Same or similar thing happened to me almost a month ago. I lost my account to somebody in Cairo, Egypt. And, of course I agree with you that Über’s phone and online “support” is far worse than useless, it is confusing and damaging. Only possible help is from the humans at Über Hubs. For that I had to wait a week for an appointment slot. The company is quickly imploding, for whatever reason, and it will completely go down the toilet if all this nonsense isn’t resolved sometime soon.


----------



## kc ub'ing!

I’ve had two scam attempts. Got the cancel fee on both. Next time I think I’ll start the ride. See if I can’t get a few bucks. Who cares if the scammer complains.


----------



## Daisey77

kc ub'ing! said:


> I’ve had two scam attempts. Got the cancel fee on both. Next time I think I’ll start the ride. See if I can’t get a few bucks. Who cares if the scammer complains.
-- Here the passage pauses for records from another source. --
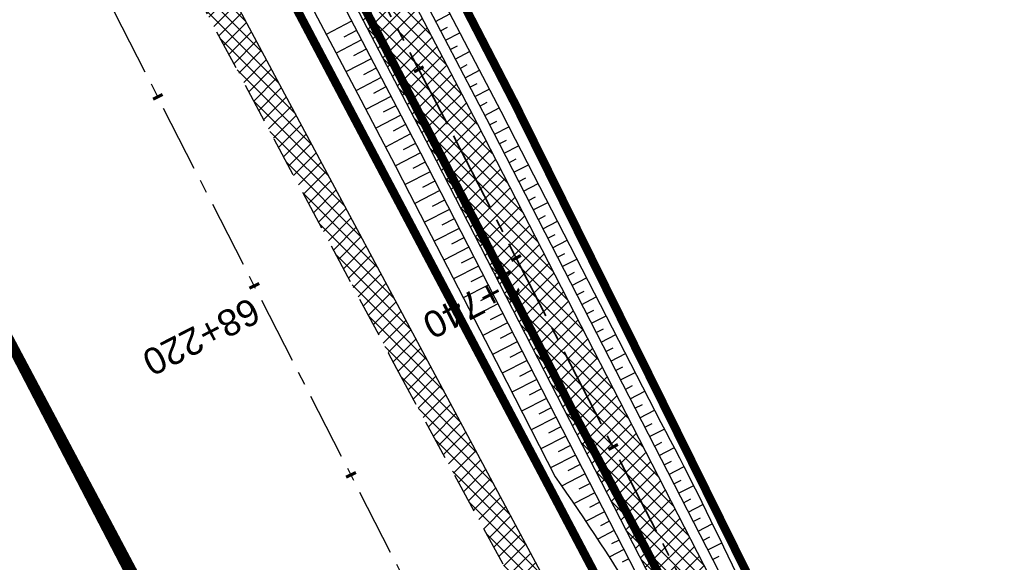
# Model space of a CAD drawing. Header units: metres. Extents: x 7529682 to 7533751, y 5721195 to 5727842.
# Tile 107 of 179: x 7530507 to 7530553, y 5726246 to 5726271. Entities that reach past the tile are written whole.
import ezdxf

# ---------------------------------------------------------------- set-up
doc = ezdxf.new("R2010")
doc.units = ezdxf.units.M
for name, pattern in [('817-dzialki-09-05-04$0$HIDDEN', [0.375, 0.25, -0.125]), ('ACAD_ISO05W100', [33, 24, -3, 0, -3, 0, -3]), ('CENTER', [50.8, 31.75, -6.35, 6.35, -6.35]), ('CENTER2', [28.575, 19.05, -3.175, 3.175, -3.175]), ('HIDDEN', [9.525, 6.35, -3.175])]:
    doc.linetypes.add(name, pattern=pattern)
for name, color, linetype in [('C-DROGI-SYTUACJA', 7, 'Continuous'), ('C-DROGI-SYTUACJA-ETYKIETY', 7, 'Continuous'), ('D-hatch-pobocza', 131, 'Continuous'), ('D-pobocza', 60, 'Continuous'), ('D-rowy', 160, 'Continuous'), ('D-skarpa', 2, 'Continuous'), ('D-skarpa-kreskowanie', 2, 'Continuous')]:
    doc.layers.add(name, color=color, linetype=linetype)
for name, color, linetype, lineweight, true_color in [('D-ewidencja-numery', 7, 'Continuous', 50, 0x40ff00), ('D-hatch-ciag-pieszo-rowerowy', 7, 'Continuous', 13, 0xff9f80), ('D-LR-etap-III', 7, '817-dzialki-09-05-04$0$HIDDEN', 50, 0x00008f)]:
    doc.layers.add(name, color=color, linetype=linetype, lineweight=lineweight, true_color=true_color)
for name, color, linetype, lineweight in [('D-krawędzie', 3, 'Continuous', 30), ('D-obrzeża', 2, 'Continuous', 30), ('D-oś', 10, 'CENTER', 30), ('D-pas-drogowy', 7, 'ACAD_ISO05W100', 50)]:
    doc.layers.add(name, color=color, linetype=linetype, lineweight=lineweight)
doc.layers.add('poprzeczki', color=7, linetype='Continuous', true_color=0x0000c7)
doc.styles.get("Standard").update_dxf_attribs({"font": 'arial.ttf'})
pattern_1 = [(45, (0, 0), (-0.33675960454, 0.33675960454), []), (135, (0, 0), (-0.33675960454, -0.33675960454), [])]

# ---------------------------------------------------------------- blocks, each defined once
blk = doc.blocks.new('AeccTickLine')
at = {"color": 0, "linetype": 'ByBlock', "lineweight": -2}
blk.add_line((0, 1), (0, -1), dxfattribs=at)

msp = doc.modelspace()

# ---------------------------------------------------------------- hatches: boundary and pattern name
at = {"layer": 'D-hatch-ciag-pieszo-rowerowy'}
h = msp.add_hatch(dxfattribs=at)
h.set_pattern_fill('ANSI37', color=256, scale=0.15, style=0)
h.set_pattern_definition(pattern_1)
edge = h.paths.add_edge_path()
edge.add_line((7530579.999, 5726163.494), (7530582.284, 5726164.519))
edge.add_line((7530582.284, 5726164.519), (7530574.938, 5726178.434))
edge.add_arc((7530619.154, 5726201.777), 50, 202.668, 207.8318, ccw=False)
edge.add_line((7530573.016, 5726182.508), (7530570.15, 5726189.371))
edge.add_arc((7530524.012, 5726170.102), 50, 22.668, 27.5934)
edge.add_line((7530568.325, 5726193.262), (7530565.111, 5726199.411))
edge.add_arc((7530529.661, 5726180.883), 40, 27.5934, 33.1309)
edge.add_line((7530563.158, 5726202.745), (7530555.511, 5726214.462))
edge.add_arc((7530589.008, 5726236.325), 40, 208.4475, 213.1309, ccw=False)
edge.add_line((7530553.837, 5726217.27), (7530543.028, 5726237.223))
edge.add_line((7530543.028, 5726237.223), (7530528.099, 5726266.319))
edge.add_line((7530528.099, 5726266.319), (7530507.524, 5726305.704))
edge.add_line((7530507.524, 5726305.704), (7530488.366, 5726341.909))
edge.add_line((7530488.366, 5726341.909), (7530485.291, 5726347.724))
edge.add_line((7530485.291, 5726347.724), (7530482.337, 5726347.963))
edge.add_line((7530482.337, 5726347.963), (7530486.156, 5726340.739))
edge.add_line((7530486.156, 5726340.739), (7530505.312, 5726304.54))
edge.add_line((7530505.312, 5726304.54), (7530525.878, 5726265.169))
edge.add_line((7530525.878, 5726265.169), (7530540.816, 5726236.057))
edge.add_line((7530540.816, 5726236.057), (7530551.688, 5726215.99))
edge.add_arc((7530586.858, 5726235.044), 40, 208.4475, 213.1309)
edge.add_line((7530553.361, 5726213.182), (7530560.998, 5726201.48))
edge.add_arc((7530527.501, 5726179.618), 40, 27.5934, 33.1309, ccw=False)
edge.add_line((7530562.951, 5726198.146), (7530566.06, 5726192.199))
edge.add_arc((7530521.747, 5726169.039), 50, 22.668, 27.5934, ccw=False)
edge.add_line((7530567.884, 5726188.309), (7530570.753, 5726181.44))
edge.add_arc((7530616.891, 5726200.71), 50, 202.668, 207.8318)
edge.add_line((7530572.675, 5726177.366), (7530579.999, 5726163.494))
at = {"layer": 'D-hatch-pobocza'}
h = msp.add_hatch(dxfattribs=at)
h.set_pattern_fill('ANSI37', color=256, scale=0.15, style=0)
h.set_pattern_definition(pattern_1)
h.paths.add_polyline_path([(7530484.05, 5726334.34), (7530471.92, 5726357.11), (7530458.95, 5726381.07), (7530447.57, 5726403.23), (7530435.55, 5726425.46), (7530424.34, 5726446.96), (7530408.22, 5726477.68), (7530396.72, 5726499.26), (7530381.74, 5726527.87), (7530371.44, 5726547.5), (7530359.58, 5726569.81), (7530349.42, 5726588.72), (7530332.29, 5726621.37), (7530323.72, 5726638.05), (7530306.54, 5726670.82), (7530298.56, 5726686.33), (7530287.26, 5726707.54), (7530284.291, 5726713.261), (7530282.67, 5726712.404), (7530284.501, 5726708.94), (7530291.376, 5726695.94), (7530296.046, 5726687.107), (7530304.464, 5726671.187), (7530316.604, 5726648.181), (7530333.058, 5726617.014), (7530350.004, 5726585.006), (7530367.258, 5726552.316), (7530385.763, 5726517.235), (7530404.054, 5726482.546), (7530421.087, 5726450.182), (7530442.442, 5726409.661), (7530463.421, 5726369.85), (7530489.269, 5726320.828), (7530506.412, 5726288.291), (7530524.315, 5726254.784), (7530540.549, 5726224.891), (7530548.273, 5726210.669), (7530551.697, 5726207.035), (7530543.21, 5726222.9), (7530538.34, 5726232.11), (7530533.7, 5726240.35), (7530511.95, 5726280.97), (7530499.24, 5726305.31)])

# ---------------------------------------------------------------- linework, layer by layer
at = {"layer": 'C-DROGI-SYTUACJA', "color": 10, "linetype": 'CENTER2', "lineweight": 35, "ltscale": 0.2}
msp.add_lwpolyline([(7530424.44, 5726461.025), (7530444.82, 5726422.144), (7530467.787, 5726378.156), (7530487.261, 5726341.324), (7530506.418, 5726305.122), (7530526.989, 5726265.744), (7530541.922, 5726236.64), (7530552.763, 5726216.63, 0.020438), (7530554.436, 5726213.822), (7530562.078, 5726202.113, -0.024166), (7530564.031, 5726198.778), (7530567.392, 5726192.349, -0.021495), (7530568.851, 5726189.237), (7530572.059, 5726181.558, 0.022535), (7530573.596, 5726178.299), (7530581.269, 5726163.764, 0.096558), (7530584.871, 5726159.294), (7530589.549, 5726155.354, -0.108108), (7530591.633, 5726152.643), (7530599.06, 5726136.869, -0.193566)], format="xyb", dxfattribs=at)
at = {"layer": 'D-ewidencja-numery', "color": 12, "ltscale": 15, "true_color": 0xc70000}
msp.add_lwpolyline([(7530427.465, 5726462.62), (7530447.928, 5726424.388), (7530471.127, 5726379.921), (7530490.501, 5726343.033), (7530509.499, 5726306.733), (7530529.89, 5726267.244), (7530543.852, 5726238.99), (7530554.809, 5726218.944), (7530559.027, 5726212.223), (7530563.061, 5726206.41), (7530566.934, 5726200.464), (7530569.771, 5726194.902), (7530571.473, 5726191.282), (7530572.839, 5726188.025), (7530575.295, 5726182.035), (7530579.737, 5726173.306), (7530583.3, 5726167.41), (7530583.3, 5726167.41), (7530583.3, 5726167.41)], dxfattribs=at)
at = {"layer": 'D-krawędzie', "linetype": 'HIDDEN', "ltscale": 0.3}
msp.add_lwpolyline([(7530263.782, 5726749.287), (7530270.196, 5726737.096), (7530272.433, 5726732.819), (7530276.009, 5726725.598), (7530279.7, 5726718.02), (7530284.501, 5726708.94), (7530291.376, 5726695.94), (7530296.046, 5726687.107), (7530304.464, 5726671.187), (7530316.604, 5726648.181), (7530333.058, 5726617.014), (7530350.004, 5726585.006), (7530367.258, 5726552.316), (7530385.763, 5726517.235), (7530404.054, 5726482.546), (7530421.087, 5726450.182), (7530442.442, 5726409.661), (7530463.421, 5726369.85), (7530489.269, 5726320.828), (7530506.412, 5726288.291), (7530524.315, 5726254.784), (7530540.549, 5726224.891), (7530548.24, 5726210.73)], dxfattribs=at)
at = {"layer": 'D-LR-etap-III', "ltscale": 10, "flags": 128}
msp.add_lwpolyline([(7531750.474, 5723895.103, 0.4, 0.4, 0), (7531750.505, 5723895.13, 0.4, 0.4, 0), (7531682.71, 5724022.92, 0.4, 0.4, 0), (7531619.177, 5724147.204, 0.4, 0.4, 0), (7531592.309, 5724198.489, 0.4, 0.4, 0), (7531553.264, 5724272.919, 0.4, 0.4, 0), (7531504.02, 5724366.79, 0.4, 0.4, 0), (7531482.09, 5724407.62, 0.4, 0.4, 0), (7531412.35, 5724541.183, 0.4, 0.4, 0), (7531388.464, 5724586.93, 0.4, 0.4, 0), (7531345.12, 5724669.94, 0.4, 0.4, 0), (7531127.66, 5725081.67, 0.4, 0.4, 0), (7531059.253, 5725211.041, 0.4, 0.4, 0), (7531008.007, 5725307.954, 0.4, 0.4, 0), (7530964.182, 5725390.836, 0.4, 0.4, 0), (7530914.557, 5725484.684, 0.4, 0.4, 0), (7530865.243, 5725577.494, 0.4, 0.4, 0), (7530840.085, 5725624.059, 0.4, 0.4, 0), (7530802.56, 5725694.925, 0.4, 0.4, 0), (7530755.54, 5725787.51, 0.4, 0.4, 0), (7530708.718, 5725876.303, 0.4, 0.4, 0), (7530695.12, 5725902.09, 0.4, 0.4, 0), (7530642.914, 5726001.078, 0.4, 0.4, 0), (7530634.935, 5726016.147, 0.4, 0.4, 0), (7530610.82, 5726061.93, 0.4, 0.4, 0), (7530610.82, 5726061.93, 0.4, 0.4, 0), (7530607.21, 5726063.51, 0.4, 0.4, 0), (7530597.42, 5726080.68, 0.4, 0.4, 0), (7530591.16, 5726088.44, 0.4, 0.4, 0), (7530581.28, 5726107.21, 0.4, 0.4, 0), (7530571.29, 5726130.56, 0.4, 0.4, 0), (7530549.555, 5726171.527, 0.4, 0.4, 0), (7530531.014, 5726206.474, 0.4, 0.4, 0), (7530516.461, 5726236.017, 0.4, 0.4, 0), (7530500.799, 5726266.141, 0.4, 0.4, 0), (7530491.35, 5726283.94, 0.4, 0.4, 0), (7530482.4, 5726303.41, 0.4, 0.4, 0), (7530482.4, 5726303.41, 0.4, 0.4, 0), (7530450.41, 5726357.28, 0.4, 0.4, 0), (7530397.759, 5726458.5, 0.4, 0.4, 0), (7530334.708, 5726583.665, 0.4, 0.4, 0), (7530303.939, 5726645.168, 0.4, 0.4, 0), (7530300.51, 5726651.778, 0.4, 0.4, 0), (7530289.214, 5726671.967, 0.4, 0.4, 0), (7530281.54, 5726685.57, 0.4, 0.4, 0), (7530261.371, 5726724.163, 0.4, 0.4, 0), (7530254.03, 5726738.21, 0.4, 0.4, 0), (7530197.22, 5726845.06, 0.4, 0.4, 0), (7530194.71, 5726849.15, 0.4, 0.4, 0), (7530195.92, 5726850.75, 0.4, 0.4, 0), (7530170.547, 5726892.961, 0.4, 0.4, 0), (7530143.175, 5726945.066, 0.4, 0.4, 0), (7530105.06, 5727018.32, 0.4, 0.4, 0), (7530100.06, 5727027.16, 0.4, 0.4, 0), (7530062.319, 5727099.625, 0.4, 0.4, 0), (7530015.379, 5727189.42, 0.4, 0.4, 0), (7529983.208, 5727250.207, 0.4, 0.4, 0), (7529953.284, 5727306.747, 0.4, 0.4, 0), (7529900.671, 5727406.159, 0.4, 0.4, 0), (7529890.63, 5727425.131, 0.4, 0.4, 0), (7529875.155, 5727454.426, 0.4, 0.4, 0), (7529857.56, 5727487.787, 0.4, 0.4, 0), (7529835.194, 5727530.193, 0.4, 0.4, 0), (7529811.741, 5727574.662, 0.4, 0.4, 0), (7529792.102, 5727611.923, 0.4, 0.4, 0), (7529768.066, 5727657.47, 0.4, 0.4, 0), (7529755.211, 5727682.131, 0.4, 0.4, 0), (7529753.31, 5727681.13, 0.4, 0.4, 0), (7529739.21, 5727707.77, 0.4, 0.4, 0), (7529735.395, 5727711.252, 0.4, 0.4, 0), (7529725.42, 5727730.2, 0.4, 0.4, 0), (7529723.55, 5727729.88, 0.4, 0.4, 0), (7529695.567, 5727782.932, 0.4, 0.4, 0), (7529717.68, 5727794.024, 0.4, 0.4, 0), (7529736.275, 5727758.647, 0.4, 0.4, 0), (7529736.275, 5727758.647, 0.4, 0.4, 0), (7529744.511, 5727750.406, 0.4, 0.4, 0), (7529744.511, 5727750.406, 0.4, 0.4, 0), (7529750.283, 5727738.55, 0.4, 0.4, 0), (7529777.109, 5727687.569, 0.4, 0.4, 0), (7529796.515, 5727651.33, 0.4, 0.4, 0), (7529814.938, 5727616.793, 0.4, 0.4, 0), (7529839.007, 5727572.304, 0.4, 0.4, 0), (7529860.618, 5727532.509, 0.4, 0.4, 0), (7529882.349, 5727491.504, 0.4, 0.4, 0), (7529904.865, 5727449.096, 0.4, 0.4, 0), (7529920.747, 5727418.885, 0.4, 0.4, 0), (7529946.677, 5727368.547, 0.4, 0.4, 0), (7529972.025, 5727320.573, 0.4, 0.4, 0), (7529987.74, 5727290.153, 0.4, 0.4, 0), (7529996.497, 5727273.662, 0.4, 0.4, 0), (7530017.541, 5727234.203, 0.4, 0.4, 0), (7530033.054, 5727204.864, 0.4, 0.4, 0), (7530051.623, 5727170.223, 0.4, 0.4, 0), (7530069.277, 5727137.016, 0.4, 0.4, 0), (7530089.385, 5727097.534, 0.4, 0.4, 0), (7530109.713, 5727060.747, 0.4, 0.4, 0), (7530136.77, 5727011.64, 0.4, 0.4, 0), (7530162.447, 5726962.744, 0.4, 0.4, 0), (7530187.674, 5726916.992, 0.4, 0.4, 0), (7530207.821, 5726879.335, 0.4, 0.4, 0), (7530230.626, 5726834.519, 0.4, 0.4, 0), (7530262.288, 5726776.618, 0.4, 0.4, 0), (7530277.51, 5726760.213, 0.4, 0.4, 0), (7530286.037, 5726744.107, 0.4, 0.4, 0), (7530288.097, 5726735.884, 0.4, 0.4, 0), (7530290.394, 5726725.047, 0.4, 0.4, 0), (7530296.177, 5726713.583, 0.4, 0.4, 0), (7530302.726, 5726701.182, 0.4, 0.4, 0), (7530325.685, 5726657.466, 0.4, 0.4, 0), (7530343.244, 5726623.649, 0.4, 0.4, 0), (7530360.23, 5726591.747, 0.4, 0.4, 0), (7530383.209, 5726548.059, 0.4, 0.4, 0), (7530406.018, 5726503.606, 0.4, 0.4, 0), (7530427.465, 5726462.62, 0.4, 0.4, 0), (7530447.928, 5726424.388, 0.4, 0.4, 0), (7530471.127, 5726379.921, 0.4, 0.4, 0), (7530490.501, 5726343.033, 0.4, 0.4, 0), (7530509.499, 5726306.733, 0.4, 0.4, 0), (7530529.89, 5726267.244, 0.4, 0.4, 0), (7530543.852, 5726238.99, 0.4, 0.4, 0), (7530554.809, 5726218.944, 0.4, 0.4, 0), (7530559.027, 5726212.223, 0.4, 0.4, 0), (7530563.061, 5726206.41, 0.4, 0.4, 0), (7530566.934, 5726200.464, 0.4, 0.4, 0), (7530569.771, 5726194.902, 0.4, 0.4, 0), (7530571.473, 5726191.282, 0.4, 0.4, 0), (7530572.839, 5726188.025, 0.4, 0.4, 0), (7530575.295, 5726182.035, 0.4, 0.4, 0), (7530579.737, 5726173.306, 0.4, 0.4, 0), (7530583.3, 5726167.41, 0.4, 0.4, 0), (7530593.4, 5726163.33, 0.4, 0.4, 0), (7530598.618, 5726155.264, 0.4, 0.4, 0), (7530608.258, 5726140.497, 0.4, 0.4, 0), (7530603.27, 5726136.83, 0.4, 0.4, 0), (7530606.53, 5726131.84, 0.4, 0.4, 0), (7530604.239, 5726124.217, 0.4, 0.4, 0), (7530605.847, 5726121.63, 0.4, 0.4, 0), (7530608.972, 5726116.164, 0.4, 0.4, 0), (7530618.114, 5726097.791, 0.4, 0.4, 0), (7530651.213, 5726034.96, 0.4, 0.4, 0), (7530670.244, 5725998.611, 0.4, 0.4, 0), (7530698.075, 5725945.953, 0.4, 0.4, 0), (7530716.506, 5725911.305, 0.4, 0.4, 0), (7530735.223, 5725875.667, 0.4, 0.4, 0), (7530752.504, 5725842.155, 0.4, 0.4, 0), (7530778.311, 5725793.501, 0.4, 0.4, 0), (7530797.5, 5725756.382, 0.4, 0.4, 0), (7530812.519, 5725728.289, 0.4, 0.4, 0), (7530820.039, 5725713.16, 0.4, 0.4, 0), (7530822.422, 5725710.194, 0.4, 0.4, 0), (7530833.155, 5725688.801, 0.4, 0.4, 0), (7530849.629, 5725656.159, 0.4, 0.4, 0), (7530867.983, 5725621.964, 0.4, 0.4, 0), (7530872.63, 5725612.888, 0.4, 0.4, 0), (7530880.354, 5725597.595, 0.4, 0.4, 0), (7530883.839, 5725593.389, 0.4, 0.4, 0), (7530891.782, 5725587.763, 0.4, 0.4, 0), (7530895.039, 5725584.281, 0.4, 0.4, 0), (7530897.034, 5725580.941, 0.4, 0.4, 0), (7530900.952, 5725579.946, 0.4, 0.4, 0), (7530904.81, 5725571.977, 0.4, 0.4, 0), (7530903.682, 5725568.566, 0.4, 0.4, 0), (7530908.901, 5725558.845, 0.4, 0.4, 0), (7530910.252, 5725545.672, 0.4, 0.4, 0), (7530912.873, 5725538.646, 0.4, 0.4, 0), (7530945.278, 5725478.464, 0.4, 0.4, 0), (7530959.692, 5725450.246, 0.4, 0.4, 0), (7531002.827, 5725368.192, 0.4, 0.4, 0), (7531044.704, 5725290.314, 0.4, 0.4, 0), (7531064.099, 5725253.213, 0.4, 0.4, 0), (7531083.01, 5725216.678, 0.4, 0.4, 0), (7531113.013, 5725158.466, 0.4, 0.4, 0), (7531137.364, 5725113.071, 0.4, 0.4, 0), (7531150.831, 5725086.712, 0.4, 0.4, 0), (7531159.746, 5725076.641, 0.4, 0.4, 0), (7531166.31, 5725074.58, 0.4, 0.4, 0), (7531172.29, 5725062.58, 0.4, 0.4, 0), (7531170.59, 5725055.606, 0.4, 0.4, 0), (7531173.733, 5725044.081, 0.4, 0.4, 0), (7531215.342, 5724964.86, 0.4, 0.4, 0), (7531238.054, 5724921.685, 0.4, 0.4, 0), (7531262.39, 5724875.283, 0.4, 0.4, 0), (7531295.587, 5724811.266, 0.4, 0.4, 0), (7531348.488, 5724712.363, 0.4, 0.4, 0), (7531363.741, 5724682.684, 0.4, 0.4, 0), (7531366.987, 5724675.865, 0.4, 0.4, 0), (7531382.541, 5724646.111, 0.4, 0.4, 0), (7531401.299, 5724610.875, 0.4, 0.4, 0), (7531428.965, 5724558.862, 0.4, 0.4, 0), (7531449.111, 5724520.398, 0.4, 0.4, 0), (7531477.293, 5724465.831, 0.4, 0.4, 0), (7531500.996, 5724421.113, 0.4, 0.4, 0), (7531512.122, 5724400.549, 0.4, 0.4, 0), (7531513.782, 5724396.757, 0.4, 0.4, 0), (7531526.32, 5724379.39, 0.4, 0.4, 0), (7531566.784, 5724302.736, 0.4, 0.4, 0), (7531612.277, 5724225.61, 0.4, 0.4, 0), (7531620.493, 5724210.548, 0.4, 0.4, 0), (7531631.578, 5724196.258, 0.4, 0.4, 0), (7531653.484, 5724152.434, 0.4, 0.4, 0), (7531661.151, 5724128.494, 0.4, 0.4, 0), (7531673.881, 5724101.186, 0.4, 0.4, 0), (7531684.691, 5724081.184, 0.4, 0.4, 0), (7531699.212, 5724051.17, 0.4, 0.4, 0), (7531704.034, 5724040.584, 0.4, 0.4, 0), (7531704.034, 5724040.584, 0.4, 0.4, 0), (7531703.913, 5724037.17, 0.4, 0.4, 0), (7531736.42, 5723969.232, 0.4, 0.4, 0), (7531738.285, 5723967.699, 0.4, 0.4, 0), (7531742.181, 5723962.346, 0.4, 0.4, 0), (7531744.286, 5723958.616, 0.4, 0.4, 0), (7531755.393, 5723944.193, 0.4, 0.4, 0), (7531758.69, 5723936.76, 0.4, 0.4, 0), (7531780.08, 5723929.25, 0.4, 0.4, 0), (7531792.612, 5723906.338, 0.4, 0.4, 0), (7531792.612, 5723906.338, 0.4, 0.4, 0), (7531756.962, 5723883.055, 0.4, 0.4, 0), (7531750.46, 5723895.13, 0.4, 0.4, 0), (7531750.46, 5723895.13, 0, 0, 0)], format="xyseb", dxfattribs=at)
at = {"layer": 'D-obrzeża'}
for points in [[(7530425.547, 5726461.605), (7530445.927, 5726422.724), (7530468.894, 5726378.737), (7530488.366, 5726341.909), (7530507.524, 5726305.704), (7530528.099, 5726266.319), (7530543.028, 5726237.223), (7530553.837, 5726217.27, 0.020438), (7530555.511, 5726214.462), (7530563.158, 5726202.745, -0.024166), (7530565.111, 5726199.411), (7530568.325, 5726193.262, -0.021495), (7530570.15, 5726189.371), (7530573.016, 5726182.508, 0.022535), (7530574.938, 5726178.434), (7530582.467, 5726164.173, 0.144123), (7530586.407, 5726160.127), (7530591.402, 5726157.316, -0.143266), (7530593.364, 5726155.308), (7530594.228, 5726153.684)], [(7530423.333, 5726460.444), (7530443.712, 5726421.565), (7530466.681, 5726377.574), (7530486.156, 5726340.739), (7530505.312, 5726304.54), (7530525.878, 5726265.169), (7530540.816, 5726236.057), (7530551.688, 5726215.99, 0.020438), (7530553.361, 5726213.182), (7530560.998, 5726201.48, -0.024166), (7530562.951, 5726198.146), (7530566.06, 5726192.199, -0.021495), (7530567.884, 5726188.309), (7530570.753, 5726181.44, 0.022535), (7530572.675, 5726177.366), (7530580.714, 5726162.138, 0.101584), (7530584.546, 5726157.479), (7530584.686, 5726157.365, -0.100735), (7530588.495, 5726152.75), (7530588.874, 5726152.037)]]:
    msp.add_lwpolyline(points, format="xyb", dxfattribs=at)
at = {"layer": 'D-oś', "ltscale": 0.1}
msp.add_lwpolyline([(7530594.845, 5726110.895), (7530540.21, 5726214.45), (7530503.32, 5726286.651), (7530486.173, 5726319.196), (7530460.325, 5726368.218), (7530439.346, 5726408.03), (7530417.989, 5726448.552), (7530400.958, 5726480.914), (7530382.667, 5726515.602), (7530364.162, 5726550.682), (7530346.91, 5726583.371), (7530329.964, 5726615.378), (7530313.508, 5726646.548), (7530301.37, 5726669.551), (7530292.952, 5726685.471), (7530288.281, 5726694.304), (7530281.407, 5726707.304), (7530276.579, 5726716.435), (7530272.867, 5726724.055), (7530269.314, 5726731.231), (7530267.097, 5726735.47), (7530260.688, 5726747.65), (7530256.664, 5726755.22)], dxfattribs=at)
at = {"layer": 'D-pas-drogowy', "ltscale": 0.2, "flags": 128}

Exactly! That's what I've done. They're not going to complain. I mean what are they going to say? I know I just tried to steal your drivers weekly earnings but I want a refund on my $3 he stole from me? Not to mention if riders have the same Uber Pro benefits as drivers, they'll never be able to get ahold of uber. There is no way in hell these people are platinum or Diamond status🤣


----------



## T.H

MHR said:


> Welcome to UP.net.
> 
> If you spend some time browsing the forums you will find that this isn't as rare an occurrence as one might think and is merely a variation on a theme.
> 
> This wasn't a hacking, unfortunately this happened because you provided them with enough information to get the credentials to log into your account or make the changes needed to log into your account.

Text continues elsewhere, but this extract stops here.